### WORK TASK
Every line in the entries that holds "radius" should be identified and copied.

+++ DATA

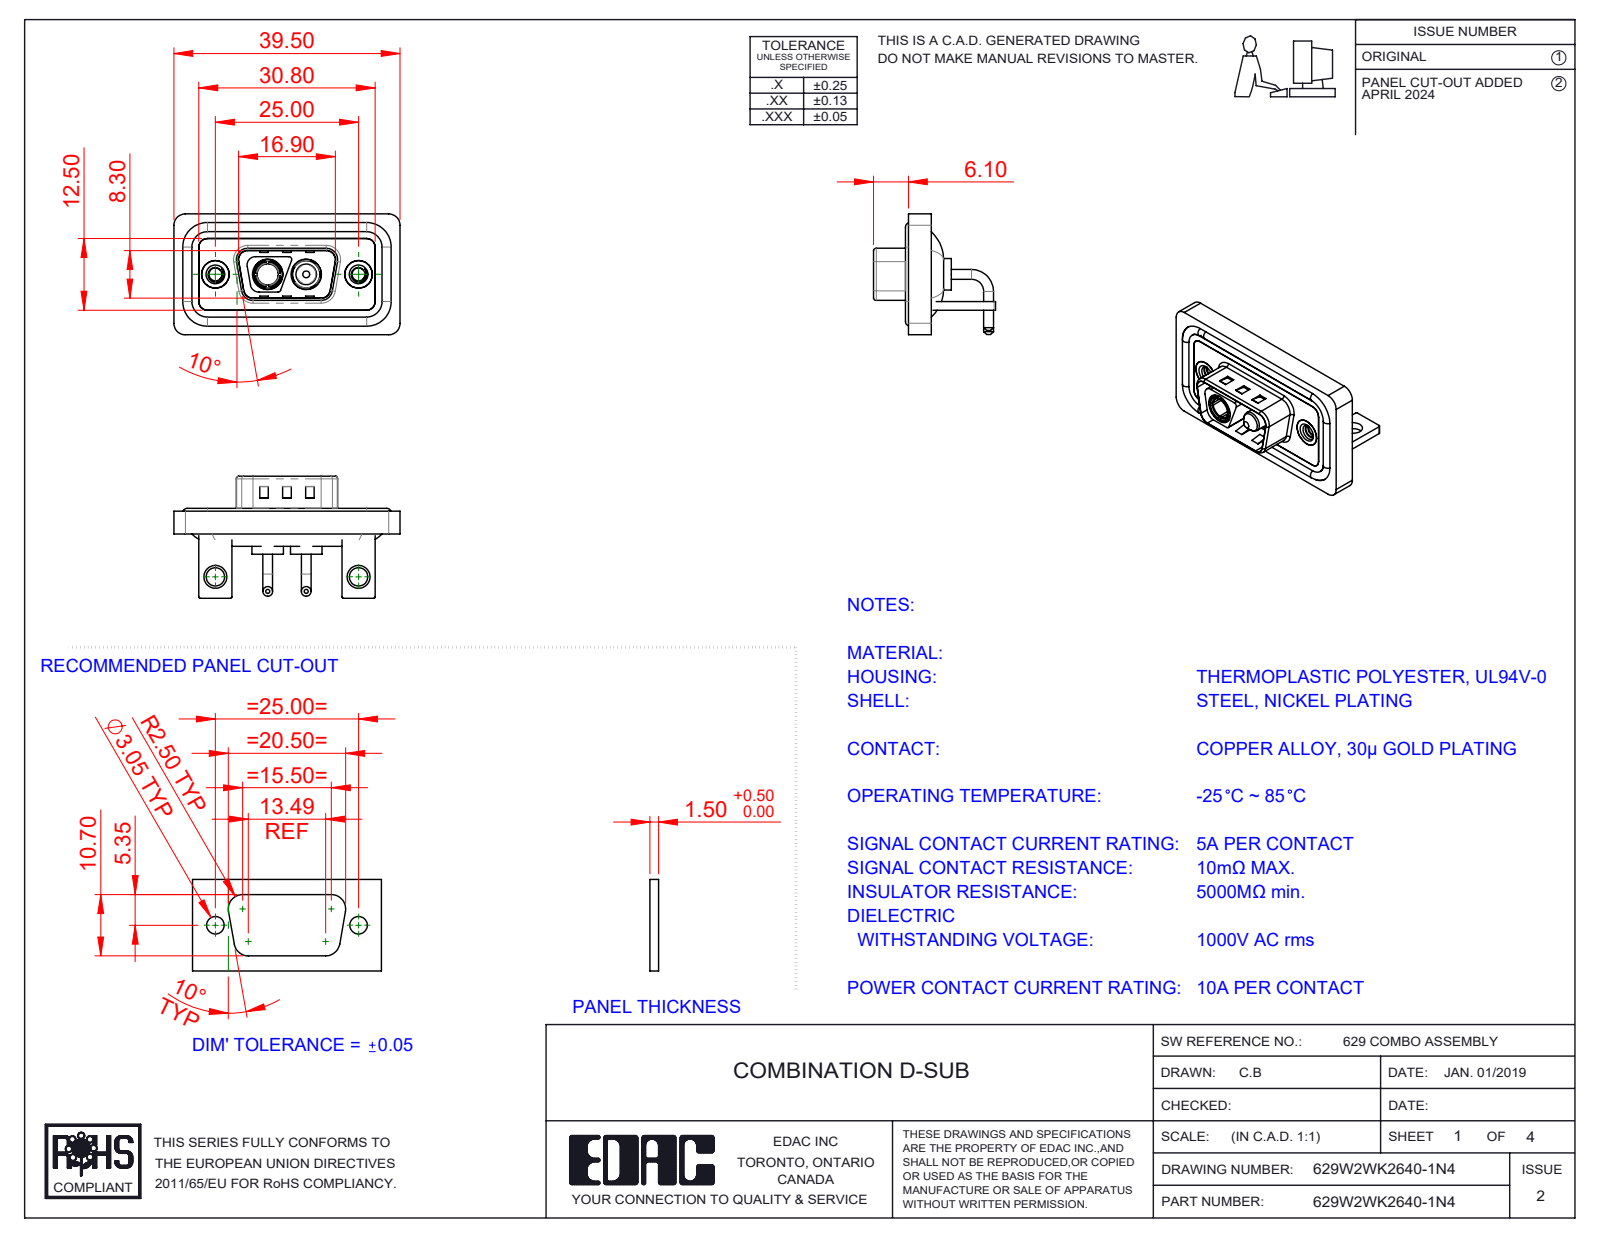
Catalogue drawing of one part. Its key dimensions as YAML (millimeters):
part_name: "629Combo Threaded Rivet_3; 629Combo Shell Rear_09 Contacts; 629Combo Stabilizer Bracket; Power Pin_10A RA (+5 more)"
step_written_by: "SolidWorks 2023 (CONFIG_CONTROL_DESIGN)"
units: millimeters
bodies: {solids: 13, faces: 582, planar: 209, cylindrical: 249, other: 124}
overall_size: [39.5, 21.3, 21.1]
volume: 4841
surface_area: 8015
round_holes:
  - {diameter: 2.26, count: 2}
  - {diameter: 3.2, count: 2}
  - {diameter: 4, count: 2}
  - {diameter: 4.8, count: 2}
  - {diameter: 4.85, count: 2}
  - {diameter: 5, count: 2}
  - {diameter: 5.3, count: 2}
  - {diameter: 3.7, count: 1}
round_bosses_or_shafts:
  - {diameter: 1.7, count: 4}
  - {diameter: 1.6, count: 4}
  - {diameter: 5.5, count: 2}
  - {diameter: 5.2, count: 2}
  - {diameter: 4.9, count: 2}
  - {diameter: 4.75, count: 2}
  - {diameter: 3.75, count: 2}
  - {diameter: 4.96, count: 1}
partial_cylinders:
  - {radius: 1.5, count: 20}
  - {radius: 2, count: 19}
  - {radius: 0.25, count: 16}
  - {radius: 0.5, count: 11}
  - {radius: 1.6, count: 8}
  - {radius: 0.6, count: 4}
  - {radius: 0.65, count: 4}
  - {radius: 0.9, count: 4}
face_to_face_distances: [0.4, 1.5, 2.9, 0.8, 1.1, 1.2, 2.1, 1.6, 3.7, 2.5]
hole_center_spacings: [9.14, 15.86, 25, 6.72]

++++++

### SOLUTION BELOW
  - {radius: 1.5, count: 20}
  - {radius: 2, count: 19}
  - {radius: 0.25, count: 16}
  - {radius: 0.5, count: 11}
  - {radius: 1.6, count: 8}
  - {radius: 0.6, count: 4}
  - {radius: 0.65, count: 4}
  - {radius: 0.9, count: 4}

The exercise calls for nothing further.